La campagne « Nous réclamons la nuit » a permis de collecter plus de 500 000 euros en quelques jours, afin de financer des initiatives visant à améliorer la sécurité des femmes dans l’espace public. Danique de Jong, initiatrice de la campagne, a déclaré : « Avec cette campagne, je veux lutter contre le problème sous-jacent : le fait que notre société considère depuis longtemps que les femmes valent moins que les hommes. »
Mobilisation féministe et mesures de sécurité
Le groupe d’action féministe Dolle Mina a également repris du service, organisant des marches de protestation dans plusieurs villes après la mort de Lisa pour revendiquer l’espace public.
Plusieurs municipalités ont annoncé la mise en place de mesures de sécurité supplémentaires, telles que l’élagage de la végétation, l’installation de davantage d’éclairage public et le déploiement de caméras de surveillance. Amsterdam a également annoncé le renforcement des effectifs de police dédiés à la lutte contre la violence à l’égard des femmes.
Instrumentalisation politique
Le fait que le suspect soit un demandeur d’asile récemment arrivé aux Pays-Bas a suscité l’indignation des opposants à l’immigration. Des groupes d’extrême droite ont profité du meurtre de Lisa pour diffuser leurs idées.
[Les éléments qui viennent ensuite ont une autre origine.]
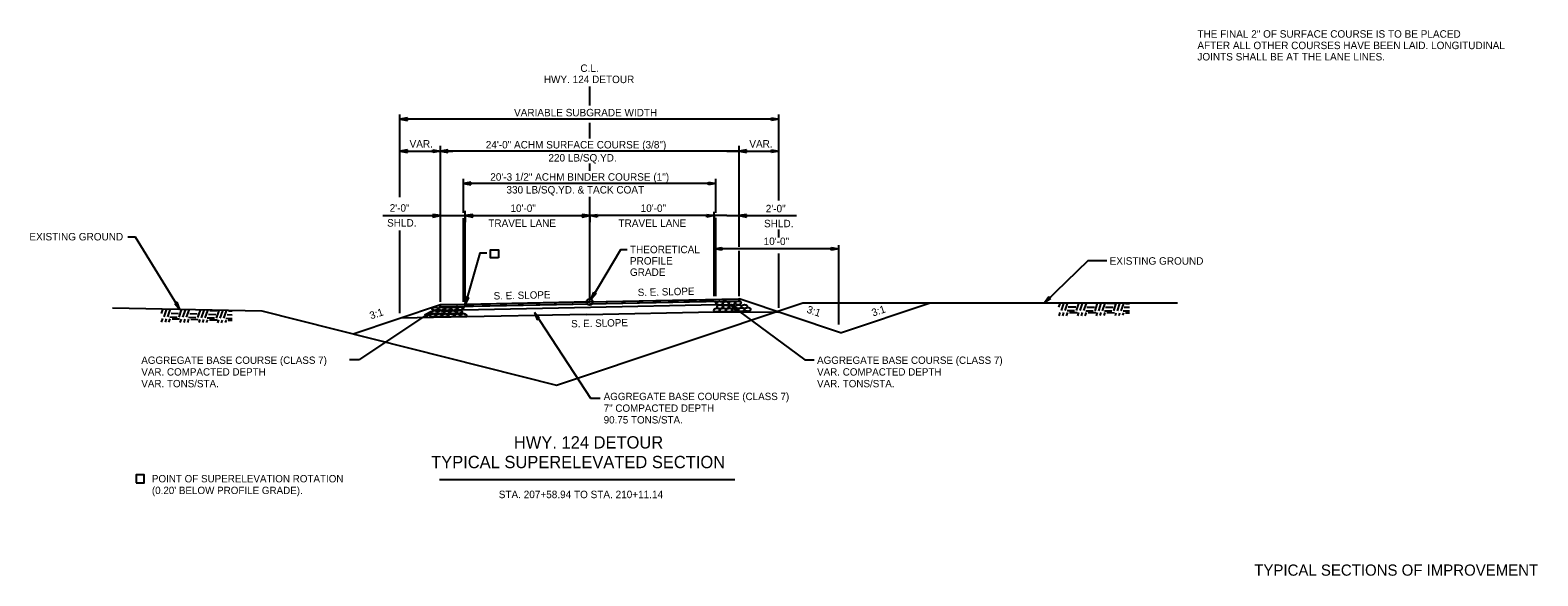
# Model space of a CAD drawing. Extents: x 1824008 to 1828864, y 689441 to 689870.
# Drawn here: x 1828742.7 to 1828863.8, y 689611.6 to 689655.5 of the extents above; entities that cross this region are included whole.
import ezdxf

# ---------------------------------------------------------------- set-up
doc = ezdxf.new("R2010")
doc.units = 0
for name, color, linetype in [('1', 7, 'Continuous'), ('19', 7, 'Continuous'), ('42', 7, 'Continuous'), ('Level 1', 7, 'Continuous'), ('Level 9', 7, 'Continuous'), ('R_Draft', 7, 'Continuous'), ('R_Horz Alg', 7, 'Continuous')]:
    doc.layers.add(name, color=color, linetype=linetype)

# ---------------------------------------------------------------- blocks, each defined once
blk = doc.blocks.new('ROCKS')
at = {"layer": '1'}
blk.add_spline([(0.013, 0.06), (0.053, 0.053), (0.107, 0.033), (0.133, 0.013), (0.133, -0.007), (0.12, -0.033), (0.107, -0.04), (0.073, -0.053), (0.033, -0.067), (0.013, -0.067), (-0.02, -0.06), (-0.06, -0.053), (-0.087, -0.047), (-0.113, -0.02), (-0.113, -0.007), (-0.107, 0.02), (-0.087, 0.033), (-0.067, 0.047), (-0.033, 0.053), (-0.02, 0.06), (0.013, 0.06)], degree=3, dxfattribs=at)

msp = doc.modelspace()

# ---------------------------------------------------------------- linework, layer by layer
at = {"layer": '1'}
for p, q in [((1828772.95, 689648.43), (1828772.35, 689648.33)), ((1828772.35, 689648.33), (1828772.95, 689648.22)), ((1828772.95, 689648.38), (1828772.51, 689648.34)), ((1828772.51, 689648.31), (1828772.95, 689648.27)), ((1828772.95, 689648.22), (1828772.95, 689648.43)), ((1828802.2, 689648.22), (1828802.2, 689648.43)), ((1828802.2, 689648.43), (1828802.8, 689648.33)), ((1828802.2, 689648.38), (1828802.64, 689648.34)), ((1828802.8, 689648.33), (1828802.2, 689648.22)), ((1828802.64, 689648.31), (1828802.2, 689648.27)), ((1828772.95, 689645.85), (1828772.35, 689645.74)), ((1828772.35, 689645.74), (1828772.95, 689645.64)), ((1828772.95, 689645.79), (1828772.51, 689645.76)), ((1828772.51, 689645.73), (1828772.95, 689645.69)), ((1828772.95, 689645.64), (1828772.95, 689645.85)), ((1828775, 689645.64), (1828775, 689645.85)), ((1828775, 689645.85), (1828775.6, 689645.74)), ((1828775, 689645.79), (1828775.44, 689645.76)), ((1828775.6, 689645.74), (1828775, 689645.64)), ((1828775.44, 689645.73), (1828775, 689645.69)), ((1828776.2, 689645.85), (1828775.6, 689645.74)), ((1828775.6, 689645.74), (1828776.2, 689645.64)), ((1828776.2, 689645.79), (1828775.76, 689645.76)), ((1828775.76, 689645.73), (1828776.2, 689645.69)), ((1828776.2, 689645.64), (1828776.2, 689645.85)), ((1828800.2, 689645.85), (1828799.6, 689645.74)), ((1828799.6, 689645.74), (1828800.2, 689645.64)), ((1828800.2, 689645.79), (1828799.76, 689645.76)), ((1828799.76, 689645.73), (1828800.2, 689645.69)), ((1828800.2, 689645.64), (1828800.2, 689645.85)), ((1828802.2, 689645.64), (1828802.2, 689645.85)), ((1828802.2, 689645.85), (1828802.8, 689645.74)), ((1828802.2, 689645.79), (1828802.64, 689645.76)), ((1828802.8, 689645.74), (1828802.2, 689645.64)), ((1828802.64, 689645.73), (1828802.2, 689645.69)), ((1828778.05, 689643.26), (1828777.45, 689643.15)), ((1828777.45, 689643.15), (1828778.05, 689643.05)), ((1828778.05, 689643.2), (1828777.61, 689643.17)), ((1828777.61, 689643.14), (1828778.05, 689643.1)), ((1828778.05, 689643.05), (1828778.05, 689643.26)), ((1828797.14, 689643.05), (1828797.14, 689643.26)), ((1828797.14, 689643.26), (1828797.74, 689643.15)), ((1828797.14, 689643.2), (1828797.58, 689643.17)), ((1828797.74, 689643.15), (1828797.14, 689643.05)), ((1828797.58, 689643.14), (1828797.14, 689643.1)), ((1828775, 689640.67), (1828775, 689640.46)), ((1828775.6, 689640.57), (1828775, 689640.67)), ((1828777.6, 689633.64), (1828777.6, 689640.97)), ((1828778.2, 689640.67), (1828777.6, 689640.57)), ((1828778.2, 689640.46), (1828778.2, 689640.67)), ((1828787, 689640.67), (1828787, 689640.46)), ((1828787.6, 689640.57), (1828787, 689640.67)), ((1828787, 689640.67), (1828787, 689640.46)), ((1828787.6, 689640.57), (1828787, 689640.67)), ((1828787.6, 689640.57), (1828788.2, 689640.67)), ((1828787.6, 689640.57), (1828788.2, 689640.67)), ((1828788.2, 689640.67), (1828788.2, 689640.46)), ((1828788.2, 689640.67), (1828788.2, 689640.46)), ((1828797, 689640.46), (1828797, 689640.67)), ((1828797, 689640.67), (1828797.6, 689640.57)), ((1828797.6, 689634.09), (1828797.6, 689640.87)), ((1828799.6, 689638.07), (1828799.6, 689640.87)), ((1828800.2, 689640.67), (1828799.6, 689640.57)), ((1828800.2, 689640.46), (1828800.2, 689640.67)), ((1828775.44, 689640.58), (1828775, 689640.62)), ((1828775, 689640.46), (1828775.6, 689640.57)), ((1828775, 689640.51), (1828775.44, 689640.55)), ((1828776.6, 689640.57), (1828787.6, 689640.57)), ((1828777.6, 689640.57), (1828787.6, 689640.57)), ((1828777.6, 689640.57), (1828778.2, 689640.46)), ((1828777.6, 689640.57), (1828777.6, 689640.05)), ((1828778.2, 689640.62), (1828777.76, 689640.58)), ((1828777.76, 689640.55), (1828778.2, 689640.51)), ((1828787.44, 689640.58), (1828787, 689640.62)), ((1828787.44, 689640.58), (1828787, 689640.62)), ((1828787, 689640.46), (1828787.6, 689640.57)), ((1828787, 689640.46), (1828787.6, 689640.57)), ((1828787, 689640.51), (1828787.44, 689640.55)), ((1828787, 689640.51), (1828787.44, 689640.55)), ((1828797.6, 689640.57), (1828787.6, 689640.57)), ((1828788.2, 689640.46), (1828787.6, 689640.57)), ((1828797.6, 689640.57), (1828787.6, 689640.57)), ((1828788.2, 689640.46), (1828787.6, 689640.57)), ((1828798.6, 689640.57), (1828787.6, 689640.57)), ((1828787.6, 689640.57), (1828787.6, 689640.05)), ((1828787.76, 689640.58), (1828788.2, 689640.62)), ((1828787.76, 689640.58), (1828788.2, 689640.62)), ((1828788.2, 689640.51), (1828787.76, 689640.55)), ((1828788.2, 689640.51), (1828787.76, 689640.55)), ((1828797, 689640.62), (1828797.44, 689640.58)), ((1828797.6, 689640.57), (1828797, 689640.46)), ((1828797.44, 689640.55), (1828797, 689640.51)), ((1828797.6, 689640.57), (1828797.6, 689640.05)), ((1828797.74, 689634.09), (1828797.74, 689640.4)), ((1828799.6, 689640.57), (1828800.2, 689640.46)), ((1828800.2, 689640.62), (1828799.76, 689640.58)), ((1828799.76, 689640.55), (1828800.2, 689640.51)), ((1828797.6, 689637.91), (1828798.2, 689638.01)), ((1828807.33, 689637.91), (1828797.6, 689637.91)), ((1828798.2, 689637.8), (1828797.6, 689637.91)), ((1828797.76, 689637.92), (1828798.2, 689637.96)), ((1828798.2, 689637.85), (1828797.76, 689637.89)), ((1828798.2, 689638.01), (1828798.2, 689637.8)), ((1828799.6, 689634.09), (1828799.6, 689637.75)), ((1828807, 689637.8), (1828807, 689638.01)), ((1828807, 689638.01), (1828807.6, 689637.91)), ((1828807, 689637.96), (1828807.44, 689637.92)), ((1828807.6, 689637.91), (1828807, 689637.8)), ((1828807.44, 689637.89), (1828807, 689637.85)), ((1828777.6, 689633.44), (1828775.6, 689633.4)), ((1828777.6, 689633.64), (1828777.6, 689633.44)), ((1828784.92, 689626.96), (1828804.73, 689633.56)), ((1828807.74, 689631.16), (1828799.6, 689633.88)), ((1828804.73, 689633.56), (1828834.81, 689633.56)), ((1828807.74, 689631.16), (1828814.94, 689633.56)), ((1828824.49, 689634.06), (1828824.13, 689633.57)), ((1828824.13, 689633.57), (1828824.63, 689633.91)), ((1828824.52, 689634.02), (1828824.23, 689633.69)), ((1828824.25, 689633.67), (1828824.59, 689633.94)), ((1828824.63, 689633.91), (1828824.49, 689634.06)), ((1828749.26, 689633.15), (1828761.26, 689632.91)), ((1828775.6, 689633.4), (1828768.59, 689631.06)), ((1828776.37, 689632.42), (1828772.42, 689632.34)), ((1828775.54, 689619.37), (1828799.26, 689619.37))]:
    msp.add_line(p, q, dxfattribs=at)
for points in [[(1828829.14, 689636.93), (1828827.6, 689636.93), (1828824.13, 689633.57)], [(1828761.26, 689632.91), (1828784.92, 689626.96)]]:
    msp.add_lwpolyline(points, dxfattribs=at)
msp.add_circle((1828787.6, 689633.64), 0.25, dxfattribs=at)
at = {"layer": '19'}
for p, q in [((1828772.35, 689642.05), (1828772.35, 689648.69)), ((1828802.8, 689648.33), (1828772.35, 689648.33)), ((1828802.8, 689641.8), (1828802.8, 689648.69)), ((1828775.6, 689640.79), (1828775.6, 689646.17)), ((1828799.6, 689645.74), (1828775.6, 689645.74)), ((1828799.6, 689640.79), (1828799.6, 689646.17)), ((1828777.45, 689640.79), (1828777.45, 689643.53)), ((1828797.74, 689643.15), (1828777.45, 689643.15)), ((1828797.74, 689640.79), (1828797.74, 689643.53)), ((1828802.8, 689638.81), (1828802.8, 689639.46)), ((1828772.35, 689632.74), (1828772.35, 689639.38)), ((1828802.8, 689633.15), (1828802.8, 689637.53)), ((1828787.64, 689633.47), (1828777.52, 689633.27)), ((1828777.6, 689633.44), (1828777.66, 689634.04)), ((1828777.86, 689633.99), (1828777.6, 689633.44)), ((1828787.6, 689633.64), (1828777.6, 689633.44)), ((1828777.63, 689633.59), (1828777.71, 689634.02)), ((1828777.66, 689634.04), (1828777.86, 689633.99)), ((1828777.82, 689633.99), (1828777.66, 689633.59)), ((1828787.6, 689633.64), (1828797.6, 689633.84)), ((1828797.68, 689633.67), (1828787.64, 689633.47)), ((1828787.65, 689633.22), (1828797.81, 689633.42)), ((1828797.6, 689633.84), (1828799.6, 689633.88)), ((1828797.81, 689633.42), (1828797.68, 689633.67)), ((1828774.88, 689632.86), (1828769.06, 689628.98)), ((1828774.88, 689632.86), (1828774.33, 689632.58)), ((1828774.33, 689632.58), (1828774.46, 689632.41)), ((1828774.74, 689632.77), (1828774.36, 689632.54)), ((1828774.43, 689632.46), (1828774.76, 689632.75)), ((1828774.46, 689632.41), (1828774.88, 689632.86)), ((1828787.37, 689632.64), (1828776.37, 689632.42)), ((1828777.52, 689633.27), (1828777.39, 689633.01)), ((1828777.39, 689633.01), (1828787.65, 689633.22)), ((1828783.16, 689632.79), (1828787.66, 689625.91)), ((1828783.55, 689632.32), (1828783.16, 689632.79)), ((1828783.16, 689632.79), (1828783.37, 689632.21)), ((1828783.23, 689632.64), (1828783.41, 689632.24)), ((1828783.5, 689632.29), (1828783.25, 689632.65)), ((1828783.37, 689632.21), (1828783.55, 689632.32)), ((1828787.37, 689632.64), (1828797.63, 689632.84)), ((1828797.63, 689632.84), (1828802.8, 689632.81)), ((1828799.47, 689633.11), (1828798.92, 689633.38)), ((1828798.92, 689633.38), (1828799.34, 689632.94)), ((1828798.92, 689633.38), (1828804.87, 689628.98)), ((1828799.04, 689633.27), (1828799.37, 689632.98)), ((1828799.44, 689633.06), (1828799.06, 689633.3)), ((1828799.34, 689632.94), (1828799.47, 689633.11)), ((1828769.06, 689628.98), (1828768.29, 689628.98)), ((1828804.87, 689628.98), (1828805.63, 689628.98)), ((1828787.66, 689625.91), (1828788.43, 689625.91))]:
    msp.add_line(p, q, dxfattribs=at)
msp.add_lwpolyline([(1828775.55, 689633.23), (1828775.55, 689633.23), (1828775.64, 689633.4), (1828799.55, 689633.88), (1828799.64, 689633.71)], close=True, dxfattribs=at)
at = {"layer": '42'}
for p, q in [((1828825.28, 689633.21), (1828825.38, 689633.51)), ((1828825.49, 689632.94), (1828825.68, 689633.51)), ((1828825.79, 689632.94), (1828825.98, 689633.5)), ((1828826.69, 689632.94), (1828826.89, 689633.51)), ((1828826.99, 689632.94), (1828827.19, 689633.51)), ((1828827.29, 689632.94), (1828827.49, 689633.52)), ((1828828.19, 689632.93), (1828828.39, 689633.53)), ((1828828.24, 689633.53), (1828828.24, 689633.53)), ((1828828.49, 689632.93), (1828828.69, 689633.53)), ((1828828.79, 689632.93), (1828828.99, 689633.53)), ((1828829.14, 689633.53), (1828829.74, 689633.52)), ((1828829.69, 689632.92), (1828829.89, 689633.52)), ((1828829.99, 689632.92), (1828830.19, 689633.52)), ((1828830.29, 689632.92), (1828830.49, 689633.52)), ((1828830.64, 689633.52), (1828830.96, 689633.52)), ((1828753.21, 689632.71), (1828753.31, 689633.02)), ((1828753.21, 689632.02), (1828753.31, 689632.3)), ((1828753.41, 689632.45), (1828753.61, 689633.01)), ((1828753.51, 689632.01), (1828753.61, 689632.29)), ((1828753.71, 689632.44), (1828753.91, 689633)), ((1828753.8, 689632), (1828753.91, 689632.29)), ((1828753.86, 689632.44), (1828754.46, 689632.42)), ((1828753.97, 689632.73), (1828754.57, 689632.72)), ((1828754.06, 689632.28), (1828754.66, 689632.27)), ((1828754.61, 689632.42), (1828754.82, 689632.99)), ((1828754.71, 689631.99), (1828754.81, 689632.26)), ((1828754.91, 689632.41), (1828755.12, 689632.98)), ((1828755.01, 689631.98), (1828755.11, 689632.26)), ((1828755.21, 689632.4), (1828755.42, 689632.98)), ((1828755.31, 689631.98), (1828755.41, 689632.25)), ((1828755.36, 689632.4), (1828755.96, 689632.38)), ((1828755.47, 689632.7), (1828756.07, 689632.68)), ((1828755.56, 689632.24), (1828756.11, 689632.23)), ((1828756.11, 689632.38), (1828756.33, 689632.98)), ((1828756.11, 689632.23), (1828756.16, 689632.23)), ((1828756.17, 689632.98), (1828756.18, 689632.98)), ((1828756.22, 689631.98), (1828756.31, 689632.23)), ((1828756.41, 689632.37), (1828756.63, 689632.97)), ((1828756.52, 689631.98), (1828756.61, 689632.22)), ((1828756.71, 689632.37), (1828756.93, 689632.96)), ((1828756.82, 689631.98), (1828756.91, 689632.21)), ((1828756.86, 689632.36), (1828757.46, 689632.35)), ((1828756.97, 689632.66), (1828757.57, 689632.64)), ((1828757.06, 689632.21), (1828757.66, 689632.19)), ((1828757.08, 689632.96), (1828757.68, 689632.94)), ((1828757.61, 689632.34), (1828757.83, 689632.94)), ((1828757.91, 689632.34), (1828758.13, 689632.93)), ((1828758.21, 689632.33), (1828758.43, 689632.92)), ((1828758.36, 689632.32), (1828758.87, 689632.31)), ((1828758.47, 689632.62), (1828758.88, 689632.61)), ((1828758.58, 689632.92), (1828758.89, 689632.91)), ((1828825.3, 689632.51), (1828825.39, 689632.8)), ((1828825.59, 689632.51), (1828825.69, 689632.79)), ((1828825.89, 689632.51), (1828825.99, 689632.79)), ((1828825.94, 689632.94), (1828826.54, 689632.94)), ((1828826.04, 689633.24), (1828826.64, 689633.24)), ((1828826.14, 689632.79), (1828826.74, 689632.79)), ((1828826.8, 689632.51), (1828826.89, 689632.79)), ((1828827.1, 689632.51), (1828827.19, 689632.79)), ((1828827.4, 689632.52), (1828827.49, 689632.78)), ((1828827.44, 689632.93), (1828828.04, 689632.93)), ((1828827.54, 689633.23), (1828828.14, 689633.23)), ((1828827.64, 689632.78), (1828828.19, 689632.78)), ((1828828.19, 689632.78), (1828828.24, 689632.78)), ((1828828.31, 689632.53), (1828828.39, 689632.78)), ((1828828.61, 689632.54), (1828828.69, 689632.78)), ((1828828.91, 689632.54), (1828828.99, 689632.78)), ((1828828.94, 689632.93), (1828829.54, 689632.92)), ((1828829.04, 689633.23), (1828829.64, 689633.22)), ((1828829.14, 689632.78), (1828829.74, 689632.77)), ((1828829.82, 689632.56), (1828829.89, 689632.77)), ((1828830.12, 689632.56), (1828830.19, 689632.77)), ((1828830.43, 689632.58), (1828830.49, 689632.77)), ((1828830.44, 689632.92), (1828830.95, 689632.92)), ((1828830.54, 689633.22), (1828830.95, 689633.22)), ((1828830.64, 689632.77), (1828830.95, 689632.77)), ((1828757.73, 689631.97), (1828757.81, 689632.19)), ((1828758.03, 689631.97), (1828758.11, 689632.18)), ((1828758.34, 689631.98), (1828758.41, 689632.17)), ((1828758.56, 689632.17), (1828758.87, 689632.16))]:
    msp.add_line(p, q, dxfattribs=at)
at = {"layer": 'Level 9'}
msp.add_lwpolyline([(1828779.33, 689637.56), (1828778.76, 689637.56), (1828777.6, 689633.44)], dxfattribs=at)
at = {"layer": 'R_Draft'}
for p, q in [((1828787.6, 689649.42), (1828787.6, 689650.96)), ((1828787.6, 689646.78), (1828787.6, 689648.02)), ((1828772.35, 689645.74), (1828776.6, 689645.74)), ((1828798.6, 689645.74), (1828802.8, 689645.74)), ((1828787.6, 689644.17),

Sur les réseaux sociaux, certains ont qualifié le meurtre de « violence anti-blanche » et ont déposé des bougies sur le lieu du crime avec les inscriptions « Protégez les femmes blanches » et « White Lives Matter ». L’affaire a ainsi été instrumentalisée par des courants politiques opposés.
L’organisation Au nom de la Famille a indiqué que les proches de Lisa souhaitent ne pas commenter l’instrumentalisation de la mort de la jeune fille à des fins politiques.
Prochaines étapes
Lors de l’audience de ce jour, le ministère public présentera les preuves recueillies jusqu’à présent, notamment des traces ADN et des images de caméras de surveillance. Le suspect, âgé de 22 ans, a été arrêté un jour après le meurtre, initialement pour le viol commis quelques jours auparavant. La police a rapidement suspecté son implication dans la mort de Lisa.
L’audience au tribunal d’Amsterdam suscite un grand intérêt médiatique. Une salle de visualisation supplémentaire a été mise à disposition du public. Les avocats du suspect ont indiqué qu’il sera présent, mais qu’ils ne feront aucun commentaire supplémentaire.